The one on the left is the late "Harvlin Sunset" or Gus.

The one on the right is the late "My Boy Vee" or Duke.

They were my daughter's - both had to be put down last year within 7 weeks of each other due to totally unrelated and untreatable ailments.


----------



## aldra (Jul 2, 2009)

How heartbreaking Stanner, they are beautiful

Aldra


----------



## fantails (Oct 24, 2013)

Sibford Ebony Boy aka "Stanley"
Black Labrador who is the biggest dope going
See profile pic


----------



## Remus (Feb 10, 2011)

"Owl" we call him Henry. He's a rescue dog, a mongrel (quarter Whippet, quarter Collie, half Border Collie - we had his DNA done). The Dogs Trust have to name so many dogs that they use lists of names. Bird names were being used when Henry was found. There was also a "Falcon" in the kennels when we got Henry. I often wonder if other animal charities do the same. Does the RSPB do it? 

Do they have birds called "Fido" or Rover"? 

You have to wonder don't you?


----------



## fantails (Oct 24, 2013)

as well as Stanley sibford ebony boy in the pic we have a mad jack russell (no pedigree of course) and 2 "adopted" dogs from the dog trust, Billy and Scruff - so bird names were obviously out then!


----------



## camallison (Jul 15, 2009)

aldra said:


> so
> 
> When they are not rolling in mud ( or worse)
> 
> ...


I tried another conventional reply to add a photo and it didn't work - let's see if this one does.

Colin


----------



## Spacerunner (Mar 18, 2006)

My mutt doesn't have a fancy name but she is a fancy breed.

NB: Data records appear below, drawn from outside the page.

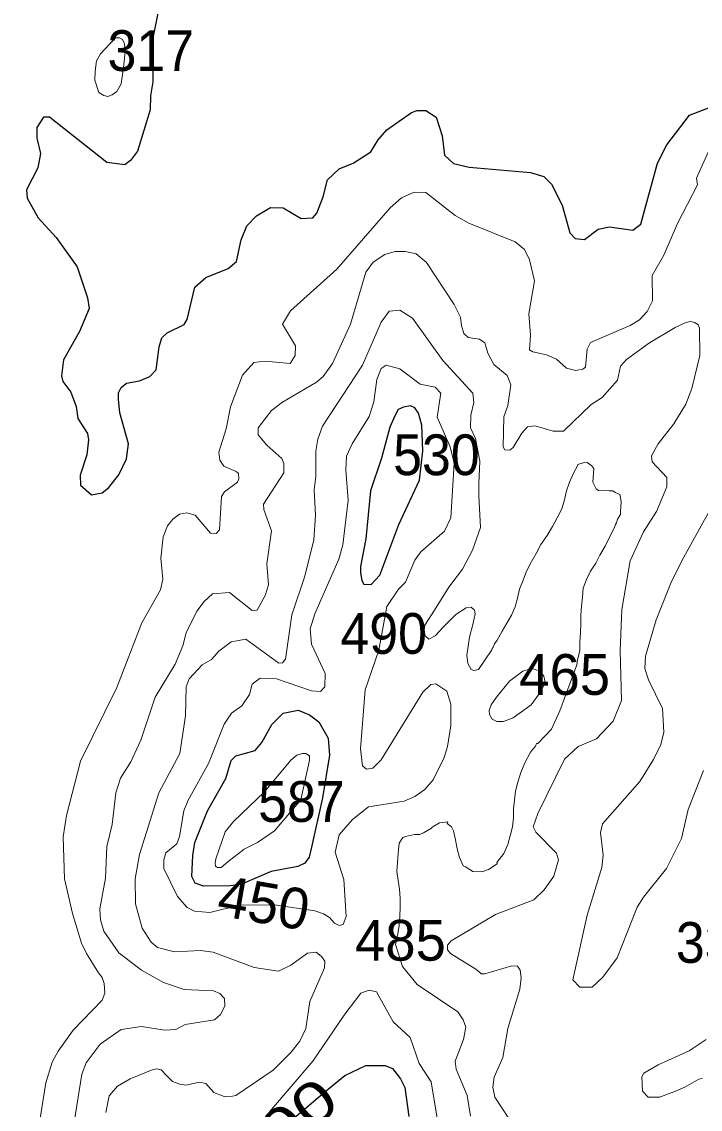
# Model space of a CAD drawing. Extents: x 499.9 to 555.3, y 9281.5 to 9336.8.
# Drawn here: x 529.847 to 532.51, y 9286.554 to 9290.821 of the extents above; entities that cross this region are included whole.
import ezdxf
from ezdxf.enums import TextEntityAlignment as Align

# ---------------------------------------------------------------- set-up
doc = ezdxf.new("R2010")
doc.units = 0
doc.header["$LTSCALE"] = 0.064
doc.layers.add('1', color=7, linetype='Continuous', lineweight=25)
doc.layers.add('2', color=7, linetype='Continuous', lineweight=13)
doc.layers.add('21', color=7, linetype='Continuous')
doc.layers.add('61', color=7, linetype='Continuous')

msp = doc.modelspace()

# ---------------------------------------------------------------- linework, layer by layer
at = {"layer": '1'}
for points in [[(530.4291, 9291.0863), (530.3602, 9290.7522), (530.3615, 9290.5855), (530.3522, 9290.5314), (530.3517, 9290.4757), (530.3021, 9290.3143), (530.2744, 9290.2766), (530.2523, 9290.2606), (530.1818, 9290.2697), (529.9566, 9290.4475), (529.9327, 9290.4477), (529.9064, 9290.4062), (529.9066, 9290.3642), (529.9205, 9290.3046), (529.9112, 9290.2481), (529.8667, 9290.1621), (529.8687, 9290.1288), (529.9123, 9290.0523), (529.9825, 9289.975), (530.065, 9289.8596), (530.1052, 9289.7381), (530.1126, 9289.6968), (530.0745, 9289.6067), (530.0107, 9289.4947), (530.0036, 9289.4325), (530.0088, 9289.4095), (530.0399, 9289.368), (530.0604, 9289.3122), (530.068, 9289.2653), (530.1056, 9289.2064), (530.11, 9289.1809), (530.1024, 9289.1225), (530.077, 9289.043), (530.0781, 9289.0029), (530.1207, 9288.9652), (530.1633, 9288.9724), (530.188, 9288.9932), (530.2289, 9289.0434), (530.2585, 9289.1061), (530.2658, 9289.1658), (530.2326, 9289.2869), (530.2265, 9289.3412), (530.2269, 9289.3659), (530.2375, 9289.3864), (530.2588, 9289.4031), (530.3099, 9289.4119), (530.3496, 9289.429), (530.3752, 9289.4557), (530.3865, 9289.5456), (530.3973, 9289.5813), (530.4175, 9289.6007), (530.4842, 9289.6337), (530.4964, 9289.6534), (530.5262, 9289.7798), (530.5695, 9289.8185), (530.6568, 9289.8539), (530.6902, 9289.8808), (530.7084, 9289.9663), (530.731, 9290.0211), (530.7691, 9290.0593), (530.823, 9290.0932), (530.873, 9290.0909), (530.9433, 9290.0501), (530.9889, 9290.0524), (531.0057, 9290.071), (531.0297, 9290.1351), (531.0475, 9290.2009)], [(531.2799, 9290.3968), (531.3761, 9290.4655), (531.3984, 9290.4731), (531.4334, 9290.4731), (531.4736, 9290.4476), (531.4964, 9290.3738), (531.5063, 9290.2983), (531.5411, 9290.265), (531.6023, 9290.2505), (531.8433, 9290.2296), (531.8963, 9290.2148), (531.9262, 9290.1846), (531.9681, 9290.1017), (531.9974, 9289.993), (532.0183, 9289.9707), (532.0554, 9289.9675), (532.1094, 9290.0073), (532.1535, 9290.0163), (532.2444, 9290.0037), (532.276, 9290.027), (532.3419, 9290.2672), (532.3778, 9290.3384), (532.4672, 9290.4555), (532.7498, 9290.5636)], [(531.0475, 9290.2009), (531.0922, 9290.2438), (531.1477, 9290.2664), (531.217, 9290.3106), (531.2454, 9290.3577), (531.2799, 9290.3968)], [(530.8626, 9286.475), (531.0372, 9286.6231), (531.1155, 9286.6874), (531.1972, 9286.7265), (531.2731, 9286.7256), (531.302, 9286.7138), (531.3334, 9286.6732), (531.3499, 9286.6399), (531.366, 9286.5254)]]:
    msp.add_lwpolyline(points, dxfattribs=at)
for points in [[(531.327, 9288.8483), (531.408, 9289.0229), (531.4211, 9289.138), (531.4167, 9289.2387), (531.4035, 9289.286), (531.3893, 9289.3066), (531.3723, 9289.3141), (531.3456, 9289.3087), (531.3245, 9289.2997), (531.3131, 9289.2777), (531.2921, 9289.2306), (531.2592, 9289.1093), (531.2156, 9288.9807), (531.1971, 9288.7926), (531.1765, 9288.6844), (531.1767, 9288.659), (531.1822, 9288.6286), (531.1897, 9288.6149), (531.2183, 9288.6135), (531.2527, 9288.6495)], [(531.0279, 9287.7768), (530.9844, 9287.5825), (530.9755, 9287.5439), (530.958, 9287.5205), (530.9309, 9287.5065), (530.8261, 9287.4879), (530.7071, 9287.4357), (530.6657, 9287.4307), (530.56, 9287.4292), (530.5278, 9287.4415), (530.515, 9287.4679), (530.5192, 9287.5501), (530.5261, 9287.6009), (530.5761, 9287.7255), (530.6476, 9287.8528), (530.6685, 9287.9225), (530.6879, 9287.9416), (530.7631, 9287.9626), (530.7896, 9287.9937), (530.8285, 9288.0642), (530.8735, 9288.1091), (530.9321, 9288.1206), (530.977, 9288.1023), (531.0129, 9288.0739), (531.0502, 9288.0102), (531.0552, 9287.9439)]]:
    msp.add_lwpolyline(points, close=True, dxfattribs=at)
at = {"layer": '2'}
for points in [[(530.2157, 9290.7579), (530.1914, 9290.7336), (530.156, 9290.6961), (530.1408, 9290.6678), (530.1358, 9290.6273), (530.1348, 9290.5919), (530.1499, 9290.5443), (530.1692, 9290.5322), (530.1854, 9290.5282), (530.2026, 9290.5342), (530.2208, 9290.5474), (530.237, 9290.5777), (530.2471, 9290.6415), (530.2532, 9290.7022), (530.2501, 9290.7346), (530.243, 9290.7518), (530.2309, 9290.7579), (530.2248, 9290.7589)], [(531.5057, 9288.8221), (531.531, 9288.8748), (531.5444, 9289.0895), (531.5278, 9289.153), (531.4776, 9289.2693), (531.4912, 9289.3639), (531.4691, 9289.3875), (531.4106, 9289.3991), (531.3309, 9289.46), (531.2768, 9289.4736), (531.2573, 9289.4604), (531.2403, 9289.4173), (531.2288, 9289.3305), (531.2111, 9289.2726), (531.1435, 9289.1656), (531.121, 9289.1171), (531.1193, 9289.0617), (531.1286, 9288.9447), (531.1076, 9288.7688), (531.0918, 9288.7123), (530.9975, 9288.4982), (530.9796, 9288.439), (530.9841, 9288.3791), (531.0377, 9288.2648), (531.0361, 9288.2123), (531.0196, 9288.1932), (530.9839, 9288.1967), (530.847, 9288.2434), (530.7829, 9288.2462), (530.7513, 9288.2218), (530.7405, 9288.1823), (530.7104, 9288.1376), (530.6705, 9288.1081), (530.6411, 9288.0652), (530.5796, 9287.9109), (530.5001, 9287.7676), (530.4833, 9287.7259), (530.4663, 9287.6245), (530.4555, 9287.5954), (530.4128, 9287.5607), (530.4047, 9287.5329), (530.4047, 9287.4994), (530.4583, 9287.3896), (530.4967, 9287.3466), (530.5247, 9287.3316), (530.5853, 9287.3268), (530.7015, 9287.3557), (530.8393, 9287.3569), (530.9972, 9287.3332), (531.0312, 9287.321), (531.0553, 9287.3062), (531.0747, 9287.2849), (531.0933, 9287.2755), (531.109, 9287.2798), (531.1203, 9287.3103), (531.1113, 9287.4562), (531.0767, 9287.5633), (531.0922, 9287.6315), (531.1457, 9287.6911), (531.2082, 9287.7416), (531.3474, 9287.7632), (531.3897, 9287.782), (531.4294, 9287.8091), (531.4621, 9287.8473), (531.505, 9287.9347), (531.5185, 9287.9777), (531.5313, 9288.0604), (531.5311, 9288.144), (531.5156, 9288.1952), (531.4725, 9288.2242), (531.4519, 9288.2209), (531.4216, 9288.1908), (531.257, 9287.9253), (531.2254, 9287.8931), (531.2005, 9287.889), (531.185, 9287.9025), (531.1766, 9287.9689), (531.1955, 9288.1998), (531.2486, 9288.3556), (531.2793, 9288.5276), (531.3251, 9288.5957), (531.3529, 9288.6225), (531.3895, 9288.7091), (531.4137, 9288.7415)], [(531.7605, 9288.2335), (531.7095, 9288.1718), (531.6897, 9288.1413), (531.6813, 9288.1185), (531.6828, 9288.1033), (531.6935, 9288.085), (531.711, 9288.0759), (531.7377, 9288.0759), (531.7757, 9288.0903), (531.8465, 9288.1406), (531.8846, 9288.1939), (531.896, 9288.2175), (531.8998, 9288.235), (531.896, 9288.2532), (531.8815, 9288.2715), (531.8556, 9288.2829), (531.8381, 9288.2814), (531.8138, 9288.273)], [(530.772, 9287.6006), (530.8394, 9287.6473), (530.9425, 9287.7685), (530.9768, 9287.9237), (530.9762, 9287.9416), (530.9619, 9287.9506), (530.9495, 9287.95), (530.9267, 9287.9441), (530.9032, 9287.9239), (530.8005, 9287.7992), (530.6784, 9287.6829), (530.645, 9287.6435), (530.609, 9287.5375), (530.6062, 9287.5194), (530.6083, 9287.5077), (530.616, 9287.5034), (530.6294, 9287.5032), (530.6566, 9287.5247), (530.7206, 9287.5745)]]:
    msp.add_lwpolyline(points, close=True, dxfattribs=at)
for points in [[(531.8371, 9289.6751), (531.8431, 9289.5923), (531.8398, 9289.534), (531.8532, 9289.5259), (531.9069, 9289.515), (531.9452, 9289.4975), (531.9842, 9289.4626), (532.0208, 9289.4533), (532.0492, 9289.4585), (532.0596, 9289.4667), (532.0661, 9289.5365), (532.0795, 9289.5632), (532.2341, 9289.6294), (532.2713, 9289.6521), (532.3015, 9289.6839), (532.3221, 9289.726), (532.3209, 9289.8262), (532.3661, 9289.9052), (532.4207, 9290.0301), (532.4987, 9290.1822), (532.4947, 9290.2073), (532.54, 9290.3098)], [(529.8475, 9286.0678), (529.9415, 9286.6575), (529.9666, 9286.7388), (529.9902, 9286.7824), (530.0486, 9286.8642), (530.1255, 9286.943), (530.1631, 9286.9818), (530.1739, 9287.0094), (530.1705, 9287.0482), (530.1629, 9287.0718), (530.149, 9287.0895), (530.1011, 9287.1652), (530.0825, 9287.206), (530.0471, 9287.3228), (530.0157, 9287.459), (530.0101, 9287.623), (530.0226, 9287.7071), (530.078, 9287.9197), (530.2211, 9288.2095), (530.3192, 9288.4626), (530.3919, 9288.5928), (530.4013, 9288.6342), (530.3934, 9288.717), (530.402, 9288.8007), (530.419, 9288.8434), (530.4404, 9288.8694), (530.4659, 9288.8895), (530.4954, 9288.8947), (530.5275, 9288.8858), (530.5877, 9288.8152), (530.6097, 9288.8137), (530.6231, 9288.8281), (530.6306, 9288.959), (530.6433, 9288.9772), (530.6935, 9289.0151), (530.699, 9289.0284), (530.6974, 9289.0486), (530.6893, 9289.0567), (530.6399, 9289.078), (530.6246, 9289.1009), (530.6212, 9289.1324), (530.6494, 9289.2247), (530.6661, 9289.3099), (530.713, 9289.4349), (530.7587, 9289.4849), (530.8021, 9289.4894), (530.9004, 9289.4799), (530.9198, 9289.5115), (530.9216, 9289.5494), (530.8711, 9289.6348), (530.9017, 9289.6875), (531.0836, 9289.8504), (531.2927, 9290.0912), (531.3372, 9290.1309), (531.3869, 9290.153), (531.4326, 9290.1514), (531.5474, 9290.0616), (531.6017, 9290.0317)], [(531.6017, 9290.0317), (531.7828, 9289.9575), (531.8203, 9289.9277), (531.84, 9289.8876), (531.859, 9289.8048), (531.8371, 9289.6751)], [(531.0668, 9289.4811), (531.1372, 9289.6346), (531.197, 9289.8391), (531.2262, 9289.8781), (531.2721, 9289.9087), (531.3125, 9289.9194), (531.3524, 9289.9194), (531.3951, 9289.9108), (531.4354, 9289.8765), (531.544, 9289.7125), (531.5692, 9289.662), (531.573, 9289.6298), (531.5825, 9289.5988), (531.5985, 9289.5827), (531.6251, 9289.5787), (531.6438, 9289.5763), (531.6638, 9289.5619), (531.6766, 9289.5209), (531.7002, 9289.4771), (531.7516, 9289.4338), (531.7666, 9289.3966), (531.7542, 9289.3154), (531.7383, 9289.2714), (531.7369, 9289.1536), (531.7431, 9289.1416), (531.7619, 9289.1411), (531.7753, 9289.151), (531.8101, 9289.2077), (531.8324, 9289.2323), (531.8616, 9289.2353), (531.9331, 9289.2147), (531.9735, 9289.2153), (532.0814, 9289.3198), (532.1249, 9289.3465), (532.1854, 9289.415), (532.1969, 9289.4705), (532.2203, 9289.4966), (532.3098, 9289.562), (532.411, 9289.6214), (532.4524, 9289.6409), (532.472, 9289.6459), (532.4877, 9289.642), (532.5009, 9289.632), (532.5069, 9289.6192), (532.5084, 9289.5121), (532.4768, 9289.3821), (532.4528, 9289.321), (532.4063, 9289.244), (532.3447, 9289.1649), (532.3187, 9289.1179), (532.3205, 9289.0948), (532.3779, 9289.0335), (532.3782, 9288.997), (532.3374, 9288.8993), (532.287, 9288.8205), (532.2348, 9288.7059), (532.2013, 9288.5149), (532.195, 9288.3546), (532.2007, 9288.1585), (532.1683, 9288.0774), (532.1028, 9288.0081), (532.0312, 9287.9776), (531.977, 9287.9283), (531.8723, 9287.7142), (531.8539, 9287.6628), (531.8645, 9287.6412), (531.9455, 9287.5593), (531.9529, 9287.5334), (531.9357, 9287.4694), (531.8969, 9287.4155), (531.8569, 9287.3758), (531.7065, 9287.3187), (531.5326, 9287.2147), (531.5176, 9287.1981), (531.5176, 9287.1805), (531.5291, 9287.1656), (531.6286, 9287.1039), (531.643, 9287.0922), (531.6506, 9287.0863), (531.6645, 9287.0862), (531.7703, 9287.1171), (531.7923, 9287.1154), (531.8036, 9287.1007), (531.8073, 9287.0696), (531.8017, 9287.0256), (531.7544, 9286.8707), (531.7354, 9286.7572), (531.7004, 9286.6797), (531.6955, 9286.641), (531.704, 9286.6015), (531.7865, 9286.4767)], [(530.8335, 9286.7072), (530.9037, 9286.7771), (530.9388, 9286.8216), (530.9615, 9286.8708), (530.9775, 9286.9767), (531.0348, 9287.1094), (531.037, 9287.1354), (531.024, 9287.1542), (531.0021, 9287.1705), (530.9682, 9287.1669), (530.9027, 9287.1199), (530.8547, 9287.0961), (530.7592, 9287.1109), (530.5979, 9287.1708), (530.5485, 9287.177), (530.4467, 9287.1724), (530.3807, 9287.1885), (530.3547, 9287.2097), (530.3203, 9287.2647), (530.2937, 9287.3598), (530.293, 9287.4581), (530.3089, 9287.5535), (530.3852, 9287.7955), (530.4682, 9287.9498), (530.4904, 9288.0986), (530.4925, 9288.2123), (530.5049, 9288.2435), (530.5552, 9288.2985), (530.5921, 9288.3185), (530.6211, 9288.3523), (530.6688, 9288.3881), (530.7266, 9288.3989), (530.8559, 9288.3047), (530.8707, 9288.3059), (530.8817, 9288.3199), (530.9076, 9288.4942), (530.9583, 9288.6461), (530.9931, 9288.7887), (530.9997, 9288.8849), (530.9951, 9288.9844), (531.0014, 9289.0365), (531.0015, 9289.1371), (531.0094, 9289.1841), (531.0269, 9289.235), (531.1844, 9289.4739), (531.257, 9289.6426), (531.2893, 9289.6863), (531.3308, 9289.6899), (531.381, 9289.6588), (531.5001, 9289.4923), (531.617, 9289.3638), (531.6218, 9289.3273), (531.6096, 9289.2772), (531.6082, 9289.228), (531.6283, 9289.1856), (531.6445, 9289.0975), (531.6404, 9289.0099), (531.6404, 9288.9618), (531.648, 9288.8371), (531.6164, 9288.7484), (531.5773, 9288.6732), (531.5231, 9288.6026), (531.4675, 9288.5124), (531.4296, 9288.4544), (531.4269, 9288.4327), (531.4305, 9288.4115), (531.4444, 9288.3989), (531.469, 9288.4117), (531.5006, 9288.4463), (531.5502, 9288.4959), (531.5908, 9288.5214), (531.6104, 9288.5244), (531.6241, 9288.513), (531.6266, 9288.4978), (531.619, 9288.4622), (531.6044, 9288.4072), (531.5938, 9288.3365), (531.5983, 9288.3035), (531.6104, 9288.2794), (531.6209, 9288.2764), (531.6393, 9288.2805), (531.6916, 9288.3576), (531.6937, 9288.3629), (531.6969, 9288.3677), (531.7017, 9288.3804), (531.7128, 9288.3948), (531.7319, 9288.4298), (531.751, 9288.4616), (531.7685, 9288.4935), (531.7829, 9288.5253), (531.7924, 9288.5603), (531.8004, 9288.5953), (531.8147, 9288.6303), (531.8274, 9288.6653), (531.8465, 9288.7004)], [(530.7747, 9289.2284), (530.8279, 9289.2955), (530.8699, 9289.3293), (531.0035, 9289.4074), (531.0298, 9289.4293), (531.0668, 9289.4811)], [(530.0039, 9286.1921), (530.0831, 9286.6917), (530.1008, 9286.7362), (530.155, 9286.8096), (530.2375, 9286.8667), (530.3168, 9286.8794), (530.4077, 9286.8653), (530.4514, 9286.8669), (530.488, 9286.8875), (530.6042, 9286.905), (530.627, 9286.9265), (530.6445, 9286.9592), (530.6426, 9286.9894), (530.6252, 9287.0086), (530.5992, 9287.019), (530.4841, 9287.0237), (530.4039, 9287.0518), (530.3169, 9287.1002), (530.2279, 9287.1676), (530.1699, 9287.2535), (530.1562, 9287.2973), (530.1534, 9287.3412), (530.1767, 9287.4613), (530.1812, 9287.586), (530.2022, 9287.6714), (530.2168, 9287.7962), (530.2354, 9287.8538), (530.2755, 9287.9173), (530.315, 9288.0025), (530.3709, 9288.1712), (530.4498, 9288.3009), (530.4795, 9288.3733), (530.4921, 9288.4233), (530.5341, 9288.5091), (530.5633, 9288.5469), (530.5964, 9288.5761), (530.6623, 9288.5822), (530.7514, 9288.5109), (530.7712, 9288.5122), (530.8025, 9288.5705), (530.8151, 9288.6119), (530.8088, 9288.6939), (530.8276, 9288.8244), (530.7978, 9288.9072), (530.7962, 9288.9287), (530.8753, 9289.0517), (530.8756, 9289.0878), (530.8685, 9289.1082), (530.8093, 9289.1597), (530.7751, 9289.2002), (530.7747, 9289.2284)], [(531.9484, 9288.8754), (531.9659, 9288.9104), (531.977, 9288.9455), (531.985, 9288.9805), (531.9961, 9289.0155), (532.012, 9289.0505), (532.02, 9289.0648), (532.025, 9289.0738), (532.0295, 9289.0839), (532.0503, 9289.0903), (532.0662, 9289.0923), (532.0837, 9289.0791), (532.0852, 9289.0759), (532.0916, 9289.068), (532.0884, 9289.0155), (532.1012, 9288.9884), (532.1107, 9288.982), (532.1521, 9288.9804), (532.1665, 9288.9804), (532.176, 9288.9741), (532.1935, 9288.9661), (532.1967, 9288.955), (532.1998, 9288.9359), (532.1967, 9288.9009), (532.1967, 9288.8881), (532.1855, 9288.8691), (532.1824, 9288.8611), (532.1808, 9288.8547), (532.1776, 9288.8483), (532.1712, 9288.834), (532.1537, 9288.799), (532.1362, 9288.764), (532.1155, 9288.729), (532.0996, 9288.6972), (532.0789, 9288.6653), (532.063, 9288.6335), (532.0502, 9288.5985), (532.047, 9288.5635), (532.0439, 9288.5285), (532.0407, 9288.4935), (532.0407, 9288.4584), (532.0391, 9288.4234), (532.0375, 9288.3884), (532.0375, 9288.3534), (532.028, 9288.3184), (532.0248, 9288.2977), (531.9586, 9288.1173), (531.9255, 9288.0451), (531.8728, 9287.9895), (531.8672, 9287.9889), (531.8625, 9287.9794), (531.8433, 9287.9555), (531.8211, 9287.9141), (531.8051, 9287.8759), (531.794, 9287.8377), (531.7844, 9287.8027), (531.7813, 9287.7677), (531.7765, 9287.7327), (531.7765, 9287.6977), (531.7733, 9287.6627), (531.7638, 9287.6276), (531.7542, 9287.5926), (531.7383, 9287.5576), (531.7112, 9287.5226), (531.7128, 9287.5178), (531.6794, 9287.4955), (531.6524, 9287.486), (531.6174, 9287.4876), (531.5887, 9287.5051), (531.5791, 9287.5098), (531.5648, 9287.5417), (531.5553, 9287.5767), (531.5489, 9287.6117), (531.5409, 9287.6467), (531.533, 9287.6627), (531.5171, 9287.6753), (531.5187, 9287.6817), (531.4869, 9287.6786), (531.4582, 9287.661), (531.455, 9287.6579), (531.4232, 9287.6388), (531.4089, 9287.6324), (531.3882, 9287.6324), (531.3532, 9287.6244), (531.342, 9287.6212), (531.3277, 9287.5989), (531.3245, 9287.5576), (531.3213, 9287.5226), (531.3197, 9287.4876), (531.3245, 9287.4526), (531.3293, 9287.4176), (531.3324, 9287.3825), (531.3324, 9287.3475), (531.3309, 9287.3125), (531.3277, 9287.2743)], [(532.5664, 9288.9409), (532.4382, 9288.7091), (532.3943, 9288.6182), (532.3369, 9288.4751), (532.2941, 9288.3328), (532.2923, 9288.2833), (532.3059, 9288.2389), (532.362, 9288.1273), (532.367, 9288.0337), (532.3546, 9287.9859), (532.3265, 9287.9267), (532.2725, 9287.8402), (532.1265, 9287.6744), (532.1188, 9287.6403), (532.128, 9287.5519), (532.1232, 9287.5035), (532.0664, 9287.3164), (532.0093, 9287.062), (532.0367, 9287.0335), (532.0854, 9287.0339), (532.1271, 9287.0724), (532.183, 9287.1488), (532.2615, 9287.3467), (532.2869, 9287.3871), (532.3775, 9287.4996), (532.4359, 9287.6165), (532.4627, 9287.7302), (532.522, 9287.8831)], [(531.8465, 9288.7004), (531.8656, 9288.7354), (531.8847, 9288.7704), (531.9086, 9288.8054), (531.9293, 9288.8404), (531.9484, 9288.8754)], [(531.3277, 9287.2743), (531.3213, 9287.2361), (531.3133, 9287.2011), (531.3419, 9287.1145), (531.3991, 9287.0439), (531.5579, 9286.9368)], [(531.485, 9286.4718), (531.4534, 9286.6623), (531.407, 9286.7339), (531.3712, 9286.8365), (531.3046, 9286.897), (531.2392, 9287.0154), (531.2103, 9287.022), (531.1784, 9287.0095), (531.1148, 9286.9278), (530.9891, 9286.7433), (530.8196, 9286.5441)], [(531.5579, 9286.9368), (531.5797, 9286.9055), (531.5897, 9286.8767), (531.5805, 9286.8287), (531.5475, 9286.7429), (531.5515, 9286.7111), (531.5951, 9286.6082), (531.6078, 9286.5278)], [(532.5334, 9286.8281), (532.4656, 9286.7834), (532.3438, 9286.7286), (532.2887, 9286.6958), (532.2797, 9286.6811), (532.2832, 9286.626), (532.3051, 9286.6014), (532.3501, 9286.6014), (532.4093, 9286.6245), (532.4494, 9286.6409), (532.5037, 9286.6724), (532.5182, 9286.6753)], [(530.177, 9286.5421), (530.191, 9286.6076), (530.2238, 9286.6444), (530.2723, 9286.6732), (530.3588, 9286.7097), (530.3766, 9286.7126), (530.3939, 9286.7085), (530.4173, 9286.6854), (530.4384, 9286.6638), (530.4683, 9286.6523), (530.4909, 9286.6484), (530.5452, 9286.6606), (530.5691, 9286.6549)], [(530.5691, 9286.6549), (530.6015, 9286.6205), (530.6422, 9286.6048), (530.6748, 9286.6059), (530.6871, 9286.6081), (530.8335, 9286.7072)]]:
    msp.add_lwpolyline(points, dxfattribs=at)

# ---------------------------------------------------------------- texts
at = {"layer": '21', "width": 0.95}
for s, p in [('317', (530.1843, 9290.6283)), ('530', (531.3048, 9289.0423)), ('490', (531.098, 9288.3413)), ('587', (530.7752, 9287.6819)), ('332', (532.4139, 9287.1288))]:
    msp.add_text(s, height=0.16, dxfattribs=at).set_placement(p)
at = {"layer": '21'}
for s, p in [('465', (531.799, 9288.1804)), ('485', (531.1547, 9287.1374))]:
    msp.add_text(s, height=0.16, dxfattribs=at).set_placement(p)
at = {"layer": '61'}
msp.add_text('450', height=0.16, rotation=350.181, dxfattribs=at).set_placement((530.7838, 9287.2854), align=Align.CENTER)
at = {"layer": '61', "width": 1.3}
msp.add_text('500', height=0.16, rotation=38.682, dxfattribs=at).set_placement((530.9226, 9286.4206), align=Align.CENTER)

doc.saveas('drawing.dxf')

She's a Labralabradoodlelurcher.

Her mum, a pedigree Labrador got jumped by a frisky 9 month labradoodle X lurcher.
The upshot is a set of racing legs carrying round a chilled-out lab that can jump like a kangaroo!


----------



## gaz44 (May 21, 2009)

[/URL][/img]

L to R

Rio aka Roblore Heaven Scent at Jasdekoma
Indy aka Jasdekoma Razzle Dazzle
Kodi aka Jaydex Shining Light at Jasdekoma

enjoying the wet & muddy weather!!


----------



## 747 (Oct 2, 2009)

On a THS.


----------



## blondel (Jun 12, 2005)

English Mastiff CHEVELU SILVER WILLOW - as you can see not very willow like!! 
Very much a family member and lets face it at that size she was hard to miss. In fact whether she would fit was a major determining factor in our choice of van.


----------



## papaken (Nov 21, 2010)

Lightening Flash out of Swiftdash The Dark via Romany Gold and Polielins Popsical we called him Harvey. :lol


----------



## shirleydeputy (Jul 31, 2009)

Bentley's other name is Biscuit Muncher Dexies. When we heard that we thought the breeder was extracting the michael!
Shirley


----------



## LisaB (Apr 24, 2009)

Charlie Pepper and salt mini schnauzer aka mikkosukees moon river
Daisy as above Dasiy Muffett
Finlay black mini schnauzer mistarimas Ieapetus - what a load of gobble dee **** ! All mad and untrainable ! Luv em


----------



## aldra (Jul 2, 2009)

I just think the kennel names are so great

Especially when we learn the everyday name

Although Colin, you should have called her Elizabeth

She is so much a lillybet 

As for Shadow, he should have been called Deadly Nightshade :lol:  

aldra


----------



## OllyHughes (May 19, 2009)

Graces Little Darling


----------



## aldra (Jul 2, 2009)

She is beautiful

Her name???

Aldra


----------



## Snunkie (Mar 21, 2011)

Our apricot toy poodle 'Mickey' is 'Little Amber Jimbo' :?


----------



## larryn (Apr 22, 2013)

Our beautiful little pomeranians
Blazes beauty of Alexiasdream
Better known as Sasha. Aged 2

Degsys stargazer of Alexiasdream 
Better known as Alex and pleased to say at 10 months old has qualified for Crufts


----------



## patp (Apr 30, 2007)

747 said:


> On a THS.


Ha ha - typical Whippets - got all the home comforts to themselves!


----------



## patp (Apr 30, 2007)

Soulstone Willow the Whisp.

We got to choose the "Willow the Whisp" part as we were calling her Willow. She's a Whippet.


----------



## salomon (Apr 20, 2011)

Ours dont have kennel names as such as they were not born in the UK.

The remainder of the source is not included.